*Records for processing*.

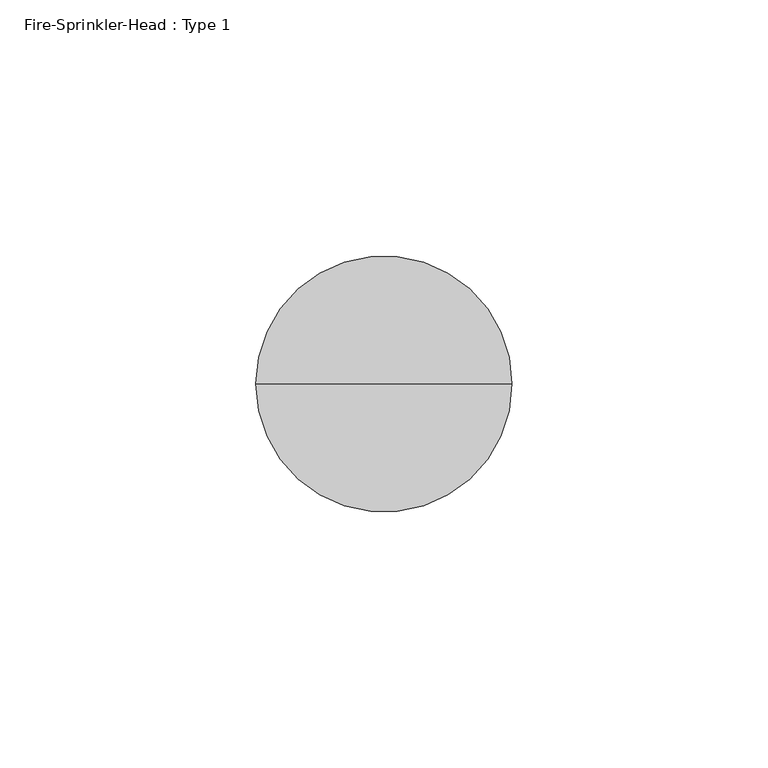
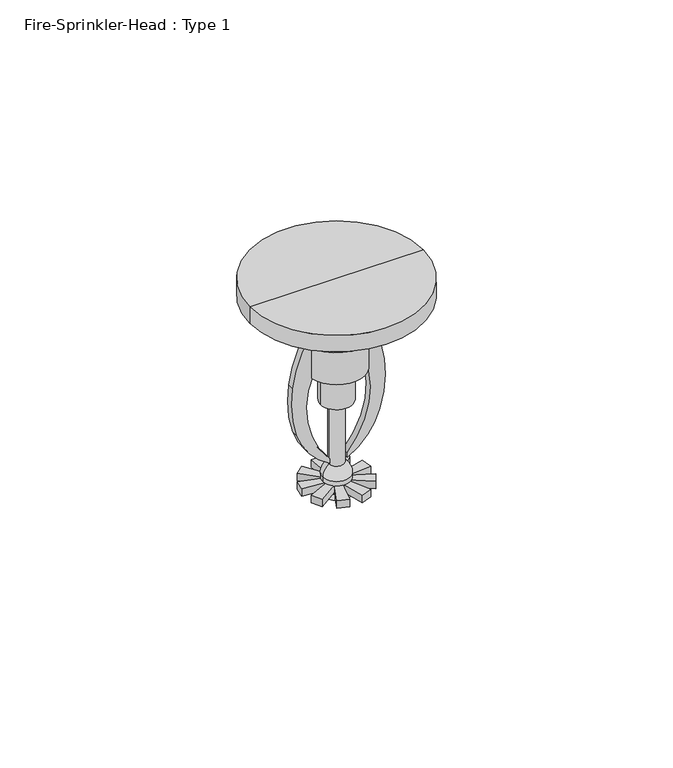
"""IFC4 building model written with IfcOpenShell, lengths in millimetres: alarm geometry, Fire-Sprinkler-Head : Type 1."""

import ifcopenshell
import ifcopenshell.guid

model = None  # the IFC model being written
_history = None  # IfcOwnerHistory: only IFC2X3 demands one
_inside = {}  # id of a spatial element -> (the spatial element, [elements in it])
_under = {}  # id of a project, library or spatial element -> (it, [spatial elements below it])
_declared = {}  # id of a project -> (the project, [libraries it declares])
_typed = {}  # id of a type object -> (the type object, [elements of that type])
_made_of = {}  # id of a material, layer set ... -> (it, [elements and type objects made of it])


def new_model(schema):
    """Start an empty IFC model of exactly this schema.

    Asked for "IFC4X3", IfcOpenShell would pick the latest addendum, in which some entities
    have other attributes; the version numbers below select the first issue.
    IFC2X3 requires an IfcOwnerHistory on every rooted entity: one is made here for all.
    """
    global model, _history
    if schema == "IFC4X3":
        model = ifcopenshell.file(schema_version=(4, 3, 0, 0))
    else:
        model = ifcopenshell.file(schema=schema)
    _inside.clear()
    _under.clear()
    _declared.clear()
    _typed.clear()
    _made_of.clear()
    _history = None
    if model.schema == "IFC2X3":
        org = make("IfcOrganization", Name="unknown")
        user = make(
            "IfcPersonAndOrganization",
            ThePerson=make("IfcPerson", FamilyName="unknown"),
            TheOrganization=org,
        )
        app = make(
            "IfcApplication",
            ApplicationDeveloper=org,
            Version="unknown",
            ApplicationFullName="unknown",
            ApplicationIdentifier="unknown",
        )
        _history = make(
            "IfcOwnerHistory",
            OwningUser=user,
            OwningApplication=app,
            ChangeAction="ADDED",
            CreationDate=0,
        )
    return model


def make(cls, **values):
    """One entity of the class cls with the attributes given. An attribute that is None is left unset."""
    return model.create_entity(
        cls, **{name: value for name, value in values.items() if value is not None}
    )


def rooted(cls, **values):
    """An entity with a GlobalId (a new one), such as an element, a storey or a relation."""
    return make(cls, GlobalId=ifcopenshell.guid.new(), OwnerHistory=_history, **values)


def si_unit(unit_type, name, prefix=None):
    """IfcSIUnit, for example si_unit("LENGTHUNIT", "METRE", prefix="MILLI")."""
    return make("IfcSIUnit", UnitType=unit_type, Prefix=prefix, Name=name)


def assignment(units):
    """IfcUnitAssignment: the units of a project."""
    return None if units is None else make("IfcUnitAssignment", Units=units)


def point(xyz):
    """IfcCartesianPoint."""
    return None if xyz is None else make("IfcCartesianPoint", Coordinates=xyz)


def direction(xyz):
    """IfcDirection."""
    return None if xyz is None else make("IfcDirection", DirectionRatios=xyz)


def frame(location, z_axis=None, x_axis=None):
    """IfcAxis2Placement3D, a coordinate frame: its origin and axes. An axis left out is left unset."""
    return make(
        "IfcAxis2Placement3D",
        Location=point(location),
        Axis=direction(z_axis),
        RefDirection=direction(x_axis),
    )


def frame_2d(location, x_axis=None):
    """IfcAxis2Placement2D, a coordinate frame in the plane: its origin and x axis."""
    return make(
        "IfcAxis2Placement2D", Location=point(location), RefDirection=direction(x_axis)
    )


def origin():
    """The frame at (0, 0, 0) with its axes left unset."""
    return frame((0.0, 0.0, 0.0))


def place(relative_to, where):
    """IfcLocalPlacement: puts the frame where relative to a parent placement (None: the world)."""
    return make(
        "IfcLocalPlacement", PlacementRelTo=relative_to, RelativePlacement=where
    )


def context(
    kind, dimensions, precision=None, world=None, true_north=None, identifier=None
):
    """IfcGeometricRepresentationContext, for example the 3D "Model" context."""
    return make(
        "IfcGeometricRepresentationContext",
        ContextIdentifier=identifier,
        ContextType=kind,
        CoordinateSpaceDimension=dimensions,
        Precision=precision,
        WorldCoordinateSystem=world,
        TrueNorth=true_north,
    )


def project(units=None, contexts=None):
    """IfcProject with its units and contexts."""
    return rooted(
        "IfcProject",
        Name="project",
        RepresentationContexts=contexts,
        UnitsInContext=assignment(units),
    )


def spatial(cls, under=None, at=None, **own):
    """A site, building, storey or space (cls), placed at a placement, below another one or the project."""
    s = rooted(cls, ObjectPlacement=at, **own)
    if under is not None:
        _under.setdefault(under.id(), (under, []))[1].append(s)
    return s


def polyline(points):
    """IfcPolyline through the points."""
    return make("IfcPolyline", Points=[point(p) for p in points])


def circle_curve(where, radius):
    """IfcCircle in the frame where."""
    return make("IfcCircle", Position=where, Radius=radius)


def ellipse_curve(where, semi_axis1, semi_axis2):
    """IfcEllipse in the frame where."""
    return make(
        "IfcEllipse", Position=where, SemiAxis1=semi_axis1, SemiAxis2=semi_axis2
    )


def trimmed(basis, trim1, trim2, sense, master):
    """IfcTrimmedCurve: the piece of a basis curve between two trims."""
    return make(
        "IfcTrimmedCurve",
        BasisCurve=basis,
        Trim1=trim1,
        Trim2=trim2,
        SenseAgreement=sense,
        MasterRepresentation=master,
    )


def segment(curve, same_sense, transition):
    """IfcCompositeCurveSegment."""
    return make(
        "IfcCompositeCurveSegment",
        Transition=transition,
        SameSense=same_sense,
        ParentCurve=curve,
    )


def composite_curve(segments, self_intersect=None):
    """IfcCompositeCurve: segments joined end to end."""
    return make("IfcCompositeCurve", Segments=segments, SelfIntersect=self_intersect)


def outline(outer, holes=None, kind="AREA"):
    """IfcArbitraryClosedProfileDef: a profile drawn as a closed curve; with holes, ...WithVoids."""
    if holes is None:
        return make("IfcArbitraryClosedProfileDef", ProfileType=kind, OuterCurve=outer)
    return make(
        "IfcArbitraryProfileDefWithVoids",
        ProfileType=kind,
        OuterCurve=outer,
        InnerCurves=holes,
    )


def extrude(swept, where, along, depth):
    """IfcExtrudedAreaSolid: the profile swept, set in the frame where, extruded along a direction by depth."""
    return make(
        "IfcExtrudedAreaSolid",
        SweptArea=swept,
        Position=where,
        ExtrudedDirection=direction(along),
        Depth=depth,
    )


def shape(context_of_items, identifier, shape_type, items):
    """IfcShapeRepresentation: the items that make up one representation, for example the "Body"."""
    return make(
        "IfcShapeRepresentation",
        ContextOfItems=context_of_items,
        RepresentationIdentifier=identifier,
        RepresentationType=shape_type,
        Items=items,
    )


def source(mapping_origin, context_of_items, identifier, shape_type, items):
    """IfcRepresentationMap: a shape defined once, which mapped items show again and again."""
    return make(
        "IfcRepresentationMap",
        MappingOrigin=mapping_origin,
        MappedRepresentation=shape(context_of_items, identifier, shape_type, items),
    )


def transform(
    local_origin,
    x_axis=None,
    y_axis=None,
    z_axis=None,
    scale=None,
    scale2=None,
    scale3=None,
    uniform=True,
):
    """IfcCartesianTransformationOperator3D, or its non-uniform kind. x_axis, y_axis, z_axis: its Axis1, 2, 3."""
    if uniform:
        return make(
            "IfcCartesianTransformationOperator3D",
            Axis1=direction(x_axis),
            Axis2=direction(y_axis),
            LocalOrigin=point(local_origin),
            Scale=scale,
            Axis3=direction(z_axis),
        )
    return make(
        "IfcCartesianTransformationOperator3DnonUniform",
        Axis1=direction(x_axis),
        Axis2=direction(y_axis),
        LocalOrigin=point(local_origin),
        Scale=scale,
        Axis3=direction(z_axis),
        Scale2=scale2,
        Scale3=scale3,
    )


def mapped(mapping_source, mapping_target):
    """IfcMappedItem: shows the shape of a source again, moved by a transform."""
    return make(
        "IfcMappedItem", MappingSource=mapping_source, MappingTarget=mapping_target
    )


def made_of(thing, what):
    """Note that an element or type object is made of a material, layer set ...; save() writes the relation."""
    if what is not None:
        _made_of.setdefault(what.id(), (what, []))[1].append(thing)
    return thing


def element(
    cls,
    number,
    at=None,
    inside=None,
    cuts=None,
    type_object=None,
    material=None,
    context=None,
    identifier="Body",
    shape_type=None,
    held_by="IfcProductDefinitionShape",
    body=None,
    shapes=None,
    **own,
):
    """One element of the class cls, such as IfcWall. Its Tag is "e" and its number.

    at: its placement. inside: the storey or other place that contains it. cuts: it is an
    opening in that element (IfcRelVoidsElement). A single representation is given by context,
    identifier, shape_type and body (its items); several are given by shapes. held_by: the class
    of the entity that holds the representations. save() writes the other relations.
    """
    e = rooted(cls, Tag="e%d" % number, ObjectPlacement=at, **own)
    if body is not None:
        shapes = [shape(context, identifier, shape_type, body)]
    if shapes is not None:
        e.Representation = make(held_by, Representations=shapes)
    if inside is not None:
        _inside.setdefault(inside.id(), (inside, []))[1].append(e)
    if cuts is not None:
        rooted(
            "IfcRelVoidsElement", RelatingBuildingElement=cuts, RelatedOpeningElement=e
        )
    if type_object is not None:
        _typed.setdefault(type_object.id(), (type_object, []))[1].append(e)
    return made_of(e, material)


def aggregate(whole, parts):
    """IfcRelAggregates: a whole, such as a stair, and the parts it consists of."""
    return rooted("IfcRelAggregates", RelatingObject=whole, RelatedObjects=parts)


def save(model, path):
    """Write the relations noted so far, then the file.

    IfcRelAggregates (storeys below a building ...), IfcRelContainedInSpatialStructure (elements
    in a storey), IfcRelDefinesByType, IfcRelAssociatesMaterial and IfcRelDeclares: one each for
    every whole, place, type object, material and project.
    """
    for whole, parts in _under.values():
        aggregate(whole, parts)
    for where, things in _inside.values():
        rooted(
            "IfcRelContainedInSpatialStructure",
            RelatedElements=things,
            RelatingStructure=where,
        )
    for kind, things in _typed.values():
        rooted("IfcRelDefinesByType", RelatedObjects=things, RelatingType=kind)
    for what, things in _made_of.values():
        rooted("IfcRelAssociatesMaterial", RelatedObjects=things, RelatingMaterial=what)
    for by, libraries in _declared.values():
        rooted("IfcRelDeclares", RelatingContext=by, RelatedDefinitions=libraries)
    model.write(path)


def plane_surface(at):
    """IfcPlane: the flat surface through the origin of the frame at, square to its z axis."""
    return make("IfcPlane", Position=at)


def cylinder_surface(at, radius):
    """IfcCylindricalSurface: all points at the distance radius from the z axis of the frame at."""
    return make("IfcCylindricalSurface", Position=at, Radius=radius)


def revolved_surface(curve, axis_point, axis_direction):
    """IfcSurfaceOfRevolution: the curve turned about the line through axis_point along axis_direction."""
    return make(
        "IfcSurfaceOfRevolution",
        SweptCurve=make("IfcArbitraryOpenProfileDef", ProfileType="CURVE", Curve=curve),
        AxisPosition=make("IfcAxis1Placement", Location=point(axis_point), Axis=direction(axis_direction)),
    )


def advanced_brep(points, edges, surfaces, faces):
    """IfcAdvancedBrep: a solid bounded by faces that lie on surfaces and meet in shared edges.

    An edge is (start, end): straight between two places in points (the first is 0);
    or (start, end, curve); or (start, end, curve, False) where it runs against its curve.
    A face is (place in surfaces, loops), or (place, loops, False) where it looks against
    its surface's normal. A loop lists edges by number (the first is 1), with a minus sign
    where the edge is run from its end to its start. The first loop is the outer one.
    """
    corners = [point(p) for p in points]
    vertices = [make("IfcVertexPoint", VertexGeometry=c) for c in corners]
    made = []
    for start, end, *more in edges:
        made.append(
            make(
                "IfcEdgeCurve",
                EdgeStart=vertices[start],
                EdgeEnd=vertices[end],
                EdgeGeometry=more[0] if more else make("IfcPolyline", Points=[corners[start], corners[end]]),
                SameSense=more[1] if len(more) > 1 else True,
            )
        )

*What you will do*. Could you copy every line in the records that holds "IfcRelVoidsElement"?

*Expected answer*.
    opening in that element (IfcRelVoidsElement). A single representation is given by context,
            "IfcRelVoidsElement", RelatingBuildingElement=cuts, RelatedOpeningElement=e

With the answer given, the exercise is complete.